Assuming the shellcode ends with a return instruction, eventually the execution flow will be gracefully returned to the caller.
Exception Oriented Programming highlights a fundamental design flaw with the JIT restrictions present in the Hardened Runtime. The JIT mitigation assumes that to execute code "just-in-time", an attacker must have access to a WX page. In reality, an attacker can abuse a large amount of the instructions already present in legitimate modules to execute their own malicious shellcode.
Proof of Concept
Both the Windows and macOS proof-of-concept utilities can be accessed at this repository.
Conclusion
As seen with the new methodology in this article, code execution can be achieved without the need of dedicated memory for that code. When considering future research into runtime code execution, it is more effective to look at execution from a high-level perspective, an objective of executing the operations in a piece of code, instead of focusing on the requirements of existing methodology.
In part 2 of this series, we will explore how Exception Oriented Programming expands the possibilities for buffer overflow exploitation on Windows. We'll explore how to evade Microsoft's ROP mitigations such as security cookies and SafeSEH for gaining code execution from common vulnerabilities. Make sure to follow my Twitter to be amongst the first to know when this article has been published!
Parallel Discovery
Recently, another researcher (@x86matthew) published an article describing a similar idea to Exception Oriented Programming, implemented using vectored exception handlers for x86.
Whenever my research leads me to some new methodology I consider innovative, one practice I take is to publish a SHA256 hash of the idea, such that in the future, I can prove that I discovered a certain idea at a certain point in time.

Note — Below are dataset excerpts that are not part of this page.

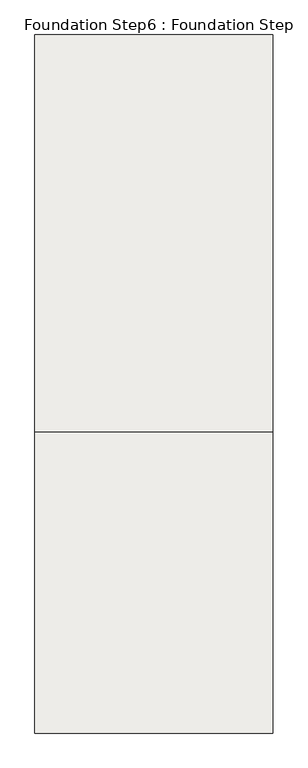
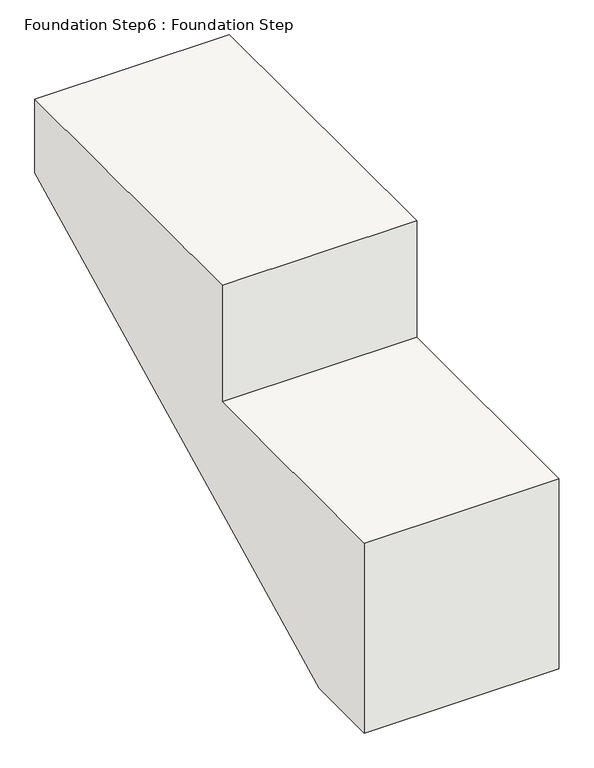
"""IFC4 building model written with IfcOpenShell, lengths in millimetres: slab geometry, Foundation Step6 : Foundation Step."""

from ifc_helpers import new_model, si_unit, frame, origin, place, context, project, spatial, polyline, outline, extrude, source, transform, mapped, element, save


def foundation_step6_foundation_step_ef98733d(model_context):
    return source(origin(), model_context, "Body", "SweptSolid", [
        extrude(outline(polyline([(-9123.6231529, -2362.2), (-9123.6231529, -1574.8), (-8158.4231529, -1574.8), (-8158.4231529, -1092.2), (-6888.4231529, -1092.2), (-6888.4231529, -1397.0), (-8818.8231529, -2362.2), (-9123.6231529, -2362.2)])), frame((-49611.0100821, 0.0, 0.0), z_axis=(1.0, 0.0, 0.0), x_axis=(0.0, 1.0, 0.0)), (0.0, 0.0, 1.0), 762.0),
    ])


if __name__ == "__main__":
    model = new_model("IFC4")
    model_context = context("Model", 3, world=origin())
    ifc_project = project(units=[si_unit("LENGTHUNIT", "METRE", prefix="MILLI")], contexts=[model_context])
    site = spatial("IfcSite", under=ifc_project)
    building = spatial("IfcBuilding", under=site)
    placement = place(None, origin())
    foundation_step6_foundation_step_shape = foundation_step6_foundation_step_ef98733d(model_context)
    element("IfcSlab", 1, ObjectType="Foundation Step6 : Foundation Step", at=placement, inside=building, context=model_context, shape_type="MappedRepresentation", body=[
        mapped(foundation_step6_foundation_step_shape, transform((0.0, 0.0, 0.0), x_axis=(1.0, 0.0, 0.0), y_axis=(0.0, 1.0, 0.0), z_axis=(0.0, 0.0, 1.0))),
    ])
    save(model, "model.ifc")

# Revit data of these elements
# Type "Foundation Step6 : Foundation Step"
#   Structural Material = Concrete, Cast-in-Place gray
# Materials
#   "Concrete, Cast-in-Place gray": class "Concrete", colour RGB 192 192 192, transparency 0, Description = "Cast-in-place concrete", Cost = 0

Fortunately, I followed this practice for Exception Oriented Programming.
On February 3rd, 2021, I created a public gist of the follow SHA256 hash:
5169c2b0b13a9b713b3d388e61eb007672e2377afd53720a61231491a4b627f7
To prove that this hash is a representation of a message summarizing Exception Oriented Programming, here is the message you can take a SHA256 hash of and compare to the published one above.
Instead of allocating executable memory to execute shellcode, split the shellcode into individual instructions, find modules in memory that have the instruction bytes in an executable section, then single step over those instructions (changing the RIP to the next instruction and so on).
Since the core idea was published by Matthew, I wanted to share my additional research in this article around stealthier SEH exception handlers and how the impact is not only limited to Windows. In a future article, I plan on sharing my additional research on how this methodology can be applied on previously unexploitable buffer overflow vulnerabilities on Windows.